Is there an introduction that you give to people when they first come into your courtroom for a domestic trial, pretrial, or some process where you know this is going to be in front of you to make the big decisions? Is there some set piece or guidance that you give to people when they first come to that place?

One of our colleagues, now retired, had this beautiful pretrial or initial status conference script that he was willing to share with all of us. I never got that formal about it because my approach is, and it is a wonderful script, and I highly encourage our judges to take a look at it and use it, but one of the things that I simply do is just bring clarity, but a softness to the process. It is going to be structured. We are going to get through it. There are rules. Here is what they are.

Here is how we are going to move through together. I expect that you are going to bring a collaborative perspective, that you are going to work hard at looking for resolutions, not inserting more conflict. That is easier and harder on the continuum, depending on what kind of attorneys you have working with you, depending on the power dynamic that may exist, the existence of domestic violence, which is a tremendous issue in our state generally, as well as in the statutory guidance that we judges must apply.

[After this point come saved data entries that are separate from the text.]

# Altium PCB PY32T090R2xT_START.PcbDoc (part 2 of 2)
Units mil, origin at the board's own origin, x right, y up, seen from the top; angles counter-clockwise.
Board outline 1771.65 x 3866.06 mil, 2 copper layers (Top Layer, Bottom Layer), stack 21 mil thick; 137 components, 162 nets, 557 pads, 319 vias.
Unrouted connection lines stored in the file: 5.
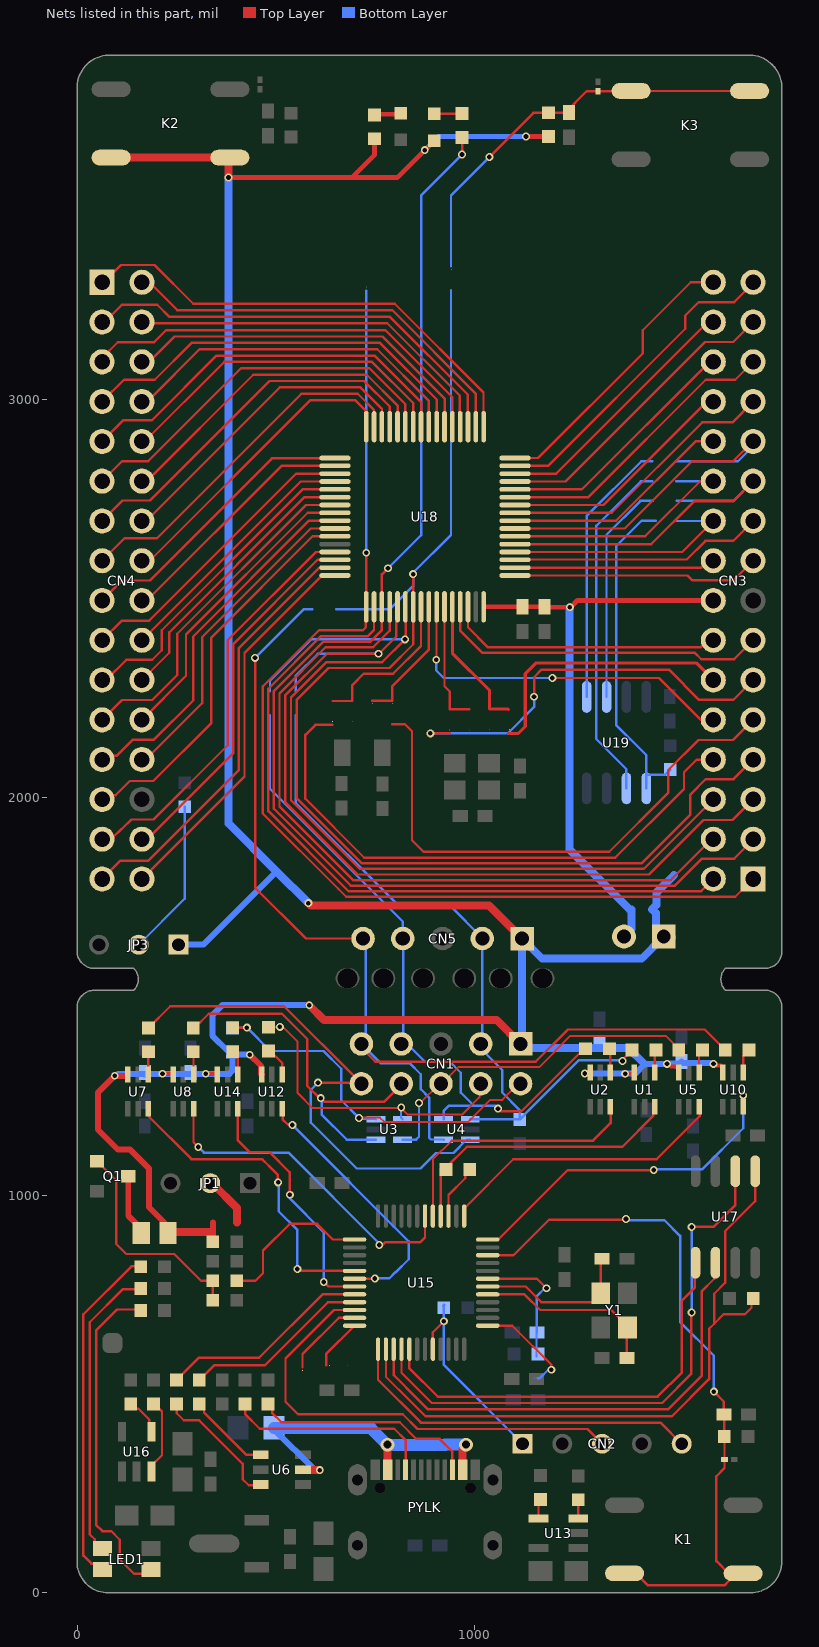
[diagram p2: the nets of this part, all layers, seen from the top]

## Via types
v1: diameter 19.68, hole 11.81, Top Layer to Bottom Layer, 161 vias
v2: diameter 19.68, hole 11.81, Top Layer to Bottom Layer, tented both sides, 146 vias
v3: diameter 35, hole 20, Top Layer to Bottom Layer, tented both sides, 8 vias
v4: diameter 30, hole 15, Top Layer to Bottom Layer, tented both sides, 2 vias
v5: diameter 40, hole 20, Top Layer to Bottom Layer, tented both sides, 2 vias

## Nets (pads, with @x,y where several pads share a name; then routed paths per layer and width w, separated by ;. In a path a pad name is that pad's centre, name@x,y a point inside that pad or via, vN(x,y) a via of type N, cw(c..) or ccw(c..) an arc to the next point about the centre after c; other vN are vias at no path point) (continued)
NetC34_2: C34.2 K3.1 K3.2 R59.2 R60.1 U21.1 | length 1037.5
  Top Layer w6: v1(1036.54,3609.79) 1147.26,3720.51 1226.51,3720.51 1281,3775 U21.1@1309.61,3775 ; U21.1@1309.96,3775.35 1385,3775.35 1385.35,3775.7 K3.1@1393,3775.7 K3.2@1691,3775.7
  Bottom Layer w6: 940,3335 940,3513.24 v1(1036.54,3609.79)
NetJP3_2: JP3.2 R50.1 | length 394.7
  Bottom Layer w6: JP3.2@155,1629.56 270.51,1745.07 R50.1@270.51,1976.45
NetLED1_2: LED1.2 R9.1 | length 846.1
  Top Layer w6: R9.1@160,710 157.67,712.33 100.33,712.33 48,660 48,171 63.8,155.2 85.86,155.2 107.53,133.53 107.53,84.16 143.82,47.87 175.08,47.87 LED1.2@186.02,58.82
NetLED1_3: LED1.3 R6.1 | length 884.3
  Top Layer w6: LED1.3@44.28,58.52 LED1.3@58.98,43.82 ; LED1.3@63.98,58.82 49.28,73.52 36.09,73.52 16,93.61 16,700.34 136.59,820.93 159.07,820.93 R6.1@160,820
NetLED1_4: LED1.4 R4.1 | length 755.1
  Top Layer w6: LED1.4@56.66,98.5 44.36,110.81 44.36,134.74 32,147.09 32,680.34 115.39,763.73 158.73,763.73 R4.1@160,765
NetLED_PA2_2: LED_PA2.2 R45.1 | length 70.4
  Top Layer w6: LED_PA2.2@898,3718 967,3718 R45.1@968,3719
NetLED_VDD*_1: LED_VDD*.1 R38.1 | length 66.4
  Top Layer w12: R38.1@748,3717 813,3717 LED_VDD*.1@814,3718
NetPYLK_A5: PYLK.A5 R1.2 | length 530.3
  Top Layer w6: R1.2@422.49,474.99 422.49,449.82 459.51,412.79 797.58,412.79 825.99,384.38 PYLK.A5@825.99,309.89
NetPYLK_B5: PYLK.B5 R3.1 | length 566
  Top Layer w6: R3.1@480,475 490.31,464.69 490.31,452.34 513.85,428.8 811.11,428.8 852.66,387.24 911.55,387.24 943.17,355.62 943.17,310.82 PYLK.B5@944.1,309.89
NetQ1_1: Q1.1 R19.1 R20.2 | length 559
  Top Layer w6: Q1.1@50,1084.8 51.97,1084.8 63.72,1073.06 63.72,1071.23 98.46,1036.49 98.46,877.34 123.86,851.94 244.45,851.94 311.61,784.78 R19.1@341.53,784.78 ; R20.2@341.52,735.88 R19.1@341.52,784.77
NetQ1_3: Q1.3 R15.1 | length 166.5
  Top Layer w6: Q1.3@125.49,1044.15 Q1.3@128.74,1047.4 ; R15.1@161.54,905 R15.1@161.54,910.91
  Top Layer w15: Q1.3@128.74,1047.4 128.74,948.28 161.54,915.49 R15.1@161.54,905
NetR2_1: R2.1 U1.4 | length 57.9
  Top Layer w6: U1.4@1452.23,1308.31 1452.23,1362.02 R2.1@1455.21,1365
NetR7_1: R7.1 U2.4 | length 57.8
  Top Layer w6: R7.1@1338.06,1365 1340.8,1362.27 U2.4@1340.8,1308.31
NetR10_1: R10.1 U5.4 | length 60.3
  Top Layer w6: U5.4@1563.66,1308.31 1563.66,1356.3 R10.1@1572.35,1365
NetR11_1: R11.1 U6.3 | length 332.9
  Top Layer w6: R11.1@250,475 250.77,474.23 250.77,451.69 268.41,434.05 306.8,434.05 416.24,324.61 416.24,285.87 431.63,270.48 459.74,270.48 U6.3@461.53,272.28
NetR12_1: R12.1 U6.1 | length 227.7
  Top Layer w6: R12.1@308.75,480 319.15,469.6 319.15,453.68 426,346.83 U6.1@471.97,346.83
NetR13_1: R13.1 U7.4 | length 59
  Top Layer w6: R13.1@173.55,1360 179.14,1354.41 U7.4@179.14,1303.31
NetR14_1: R14.1 U8.4 | length 60.8
  Top Layer w6: R14.1@280.94,1360.02 R14.1@290.82,1350.14 ; U8.4@292.86,1303.31 R14.1@292.86,1350.12
NetR18_1: R18.1 U10.4 | length 62.7
  Top Layer w6: U10.4@1675.08,1308.31 1675.08,1350.59 R18.1@1689.49,1365
NetR22_1: R22.1 U12.4 | length 75.3
  Top Layer w6: R22.1@481.63,1362.11 485.62,1362.11 515.71,1332.03 U12.4@515.71,1303.31
NetR24_2: R24.2 U13.4 | length 49.6
  Top Layer w6: U13.4@1160,187.5 1160,230 R24.2@1165,235
NetR25_2: R25.2 U13.3 | length 47.5
  Top Layer w6: U13.3@1260,187.5 R25.2@1260,235
NetR26_1: R26.1 U14.4 | length 62.8
  Top Layer w6: R26.1@391.2,1360.7 404.28,1347.62 U14.4@404.28,1303.31
NetR27_2: R27.2 U15.1 | length 256.3
  Top Layer w6: U15.1@1032.32,671.73 1094.18,671.73 1192.46,573.45 v1(1192.46,560.88)
  Bottom Layer w6: 1158.34,539.83 1163.61,539.83 1184.66,560.88 v1(1192.46,560.88)
NetR29_2: R29.2 U16.4 | length 96.1
  Top Layer w6: R29.2@135,475 147,463 154.44,463 181.5,435.94 181.5,411 U16.4@187.5,405
NetR30_2: R30.2 U16.3 | length 188.5
  Top Layer w6: U16.3@187.5,305 187.5,320 213.56,346.06 213.56,455.68 207,462.24 207,463 R30.2@195,475
NetR31_1: R31.1 U15.36 | length 129.6
  Top Layer w6: 626.21,571.75 626.21,600.26 U15.36@697.68,671.73
NetR33_1: R33.1 U15.35 | length 201.4
  Top Layer w6: 566.96,567.4 566.96,600.38 658,691.42 U15.35@697.68,691.42
NetR44_1: R44.1 R46.1 U19.1 | length 832.5
  Bottom Layer w6: U19.1@1431.15,2022.48 U19.1@1431.15,2057 ; R46.1@1455.25,2695.25 1419.25,2695.25 1355.34,2631.35 1355.34,2293.32 1355.34,2182.01 1431.15,2106.2 U19.1@1431.15,2057 ; R44.1@1491.66,2069.84 1478.82,2057 U19.1@1431.15,2057
NetR47_1: R47.1 U19.2 | length 879
  Bottom Layer w6: U19.2@1381.15,2022.48 1381.15,2070.68 1305.23,2146.59 1305.23,2308.22 1305.23,2682.23 1417.33,2794.33 1446.59,2794.33
NetR48_2: R48.2 U19.6 | length 558.8
  Bottom Layer w6: U19.6@1331.15,2252.48 1331.15,2300.47 1331.15,2660.15 1416.33,2745.33 1447,2745.33
NetR49_2: R49.2 U19.5 | length 676.7
  Bottom Layer w6: U19.5@1281.15,2252.48 1281.15,2310.25 1281.15,2707.15 1418.64,2844.64 1446.22,2844.64
OSC_32INa: R39.2 R58.2 U18.8 | length 401.7
  Top Layer w6: 642.19,2242.17 692.33,2242.17 692.33,2282.33 721,2311 795,2311 864.81,2380.81 U18.8@864.81,2478.94
OSC_32OUTa: R40.2 R61.2 U18.9 | length 325.8
  Top Layer w6: 742.01,2242.69 792.29,2242.69 792.8,2242.17 792.8,2279.8 884.49,2371.49 U18.9@884.49,2478.94
OSC_INa: R41.2 R54.2 U18.11 | length 312.6
  Top Layer w6: U18.11@923.86,2478.94 923.86,2279.14 937,2266 937,2221.03 937.26,2220.77 937.66,2221.17 985.95,2221.17
OSC_OUTa: R42.2 R56.2 U18.12 | length 343.1
  Top Layer w8: U18.12@943.55,2478.94 943.55,2362.45 1037,2269 1037,2222 1082.73,2222 1083.96,2220.77
PA0: CN3.1 R55.2 U18.1 | length 2824
  Top Layer w6: v2(727.01,2614.99) U18.1@727.01,2478.94 725.9,2477.83 725.9,2426.9 719,2420 608.21,2420 467,2278.79 467,1959.6 656.6,1770 676.6,1750 1654.82,1750 CN3.1@1699.59,1794.77
  Bottom Layer w6: v2(727.01,2614.99) 727.01,3273
PA1: CN3.2 U18.2 | length 1907.5
  Top Layer w6: U18.2@746.7,2478.94 746.7,2420.7 731.39,2405.39 613.4,2405.39 481,2272.99 481,1965.4 682.4,1764 1568.82,1764 CN3.2@1599.59,1794.77
PA2: CN3.3 R45.2 U18.3 | length 3286.8
  Top Layer w6: v2(782,2576) 766.38,2560.38 U18.3@766.38,2478.94 766.38,2420.38 737.39,2391.39 619.2,2391.39 495,2267.2 495,1971.2 688.2,1778 1503,1778 1571,1846 1652.24,1846 1699.59,1893.35 CN3.3@1699.59,1894.77 ; v1(968,3616) R45.2@968,3659
  Bottom Layer w6: v2(782,2576) 865,2659 865,3513 v1(968,3616)
PA3: CN3.4 U18.4 | length 1896.4
  Top Layer w6: U18.4@786.07,2478.94 786.07,2419.07 744.39,2377.39 625,2377.39 509,2261.4 509,1977 694,1792 1492.4,1792 1595.17,1894.77 CN3.4@1599.59,1894.77
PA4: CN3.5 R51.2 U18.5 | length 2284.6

Thinking Boldly! - Julie Field | Judge Kelley Southerland | Child Centered Solutions
Child Centered Solutions: They’re going to have to work hard to find resolutions—not create more conflict—and that can be both easier and harder along the continuum.

 

I just try to set the tone from the very beginning. The more I make eye contact, the more I set the expectations for peace and collaboration, the more I repeat the information that brings the spirit of, “We are here to solve problems, we are here to try and restructure your family, we are here to try and help set you up for success after this process is finished.” That is really the through line for every time I meet with a family from the first time to the last.

Do you ever incorporate any of that language into your orders? Are your orders constrained by the parameters that are just the nuts and bolts? Do you give instructive language?

We have some experts in our state called Child and Family Investigators or parental responsibility evaluators. I am not one of those. I used to be a CFI. I am not anymore. One of the most helpful things I found as a CFI and reading CFI reports now from the judge’s chair is the analysis section. Just having that professional break down or give insight into the family from a critical eye through the lens of their investigation.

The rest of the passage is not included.